Глаза Пуатье блеснули.
– Мсье, поверьте мне в последний раз!
– Кажется, верю. – Огюст улыбнулся устало и отчего-то смущенно. – Да… черт возьми, как же вы меня все-таки напугали…
VI
– Уберите эту подставку, она мне сейчас не нужна! А эту передвиньте вправо! Ага… так… Краски давайте. Черт возьми! Это что, по-вашему, голубой тон? Это цвет кислого молока, сударь! У вас что, кончилась берлинская лазурь? Вот эту давайте палитру… И поменяйте мне кто-нибудь кисть, я уже все лицо себе залил, так же ослепнуть можно…
Карл Павлович говорил все это поспешно, иногда сердито, но не злобно, а с каким-то мальчишеским азартом, какого давно не видели в нем ученики и помощники: он появился в последние месяцы.
Художник стоял на одной из бесчисленных раздвижных лестниц, подставленных к крутому изгибу свода, стоял, запрокинув голову, выпрямившись, почти ни на миг не отпуская глаз. Его рыжеватые кудри растрепались, щеки горели пунцовыми пятнами, широкая полотняная блуза на груди и плечах взмокла от пота.

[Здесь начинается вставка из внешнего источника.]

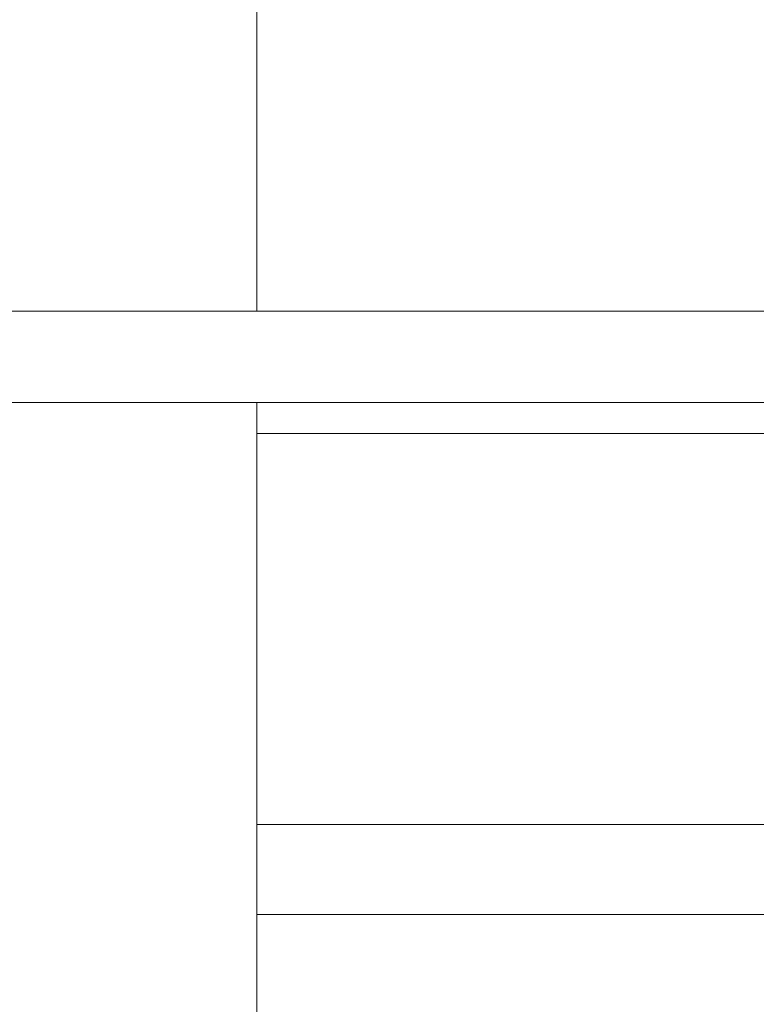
# Model space of a CAD drawing. Header units: millimetres. Extents: x 53056 to 116131, y -669674 to -625124.
# Tile 246 of 256: x 71359 to 71521, y -634815 to -634599. Entities that reach past the tile are written whole.
import ezdxf

# ---------------------------------------------------------------- set-up
doc = ezdxf.new("R2010")
doc.units = ezdxf.units.MM
doc.header["$MEASUREMENT"] = 0
doc.linetypes.add('DGN Style 1', pattern=[536.199087, 0.892178, -535.306909])
doc.layers.add('Main Cradle Tower', color=7, linetype='Continuous', lineweight=0)

# ---------------------------------------------------------------- blocks, each defined once
blk = doc.blocks.new('*U55')
at = {"layer": 'Main Cradle Tower', "color": 7, "linetype": 'Continuous', "lineweight": 0}
for p, q in [((-13182.76, 13016.1), (-13182.76, 12736.1)), ((-12896.72, 12736.1), (-13246.31, 12736.1)), ((-12896.72, 12716.1), (-13246.31, 12716.1)), ((-13182.76, 12716.1), (-13182.76, 12436.1)), ((-12960.22, 12709.29), (-13182.76, 12709.29)), ((-13182.76, 12623.49), (-12960.22, 12623.49)), ((-13182.76, 12603.77), (-12960.22, 12603.77))]:
    blk.add_line(p, q, dxfattribs=at)

msp = doc.modelspace()

# ---------------------------------------------------------------- block references
at = {"color": 7, "linetype": 'DGN Style 1', "lineweight": 0}
msp.add_blockref('*U55', (84593.95, -647399.35), dxfattribs=at)

doc.saveas('drawing.dxf')

И все: лицо, руки художника, его одежду – покрывали брызги красок: золотых, голубых, белых…
Над ним вздымался огромной чашей плафон Исаакиева купола, исчерченный углем и на четверть уже расписанный его кистью. Под ним в широких люках деревянного помоста зияла пропасть-колодец шестидесятиметровой глубины, весь опутанный паутиной деревянных лесов, по которым черными букашками двигались фигурки людей.
Полгода назад, впервые поднявшись сюда, Брюллов и сам показался себе маленьким нахальным муравьем, забравшимся в необъятную сферу, возомнившим себя величайшим из великих и вдруг увидевшим свою истинную величину среди отданного ему во власть пространства. Гигантская чаша, тогда еще снежно-белая, невозмутимо чистая, опрокидывалась на него, ожидая его прикосновения. Ему стало страшно. И больно поразила сознание отчаянная мысль: «Нет, нет, не могу… не смогу! Я же никогда не писал таких… громадин, я не монументалист! Боже! За что я взялся?!»
Часа два тогда ходил он взад и вперед по широченному настилу, заглянул в специально для него сооруженную прямо здесь, наверху, мастерскую, где лежали уже разложенные кисти, лежали палитры и стояли чашки для смешивания красок, потом велел ученикам приготовить назавтра уголь и расставить, куда надо, лестницы и убежал, стыдясь своего страха и все более убеждая себя, что работа ему не под силу.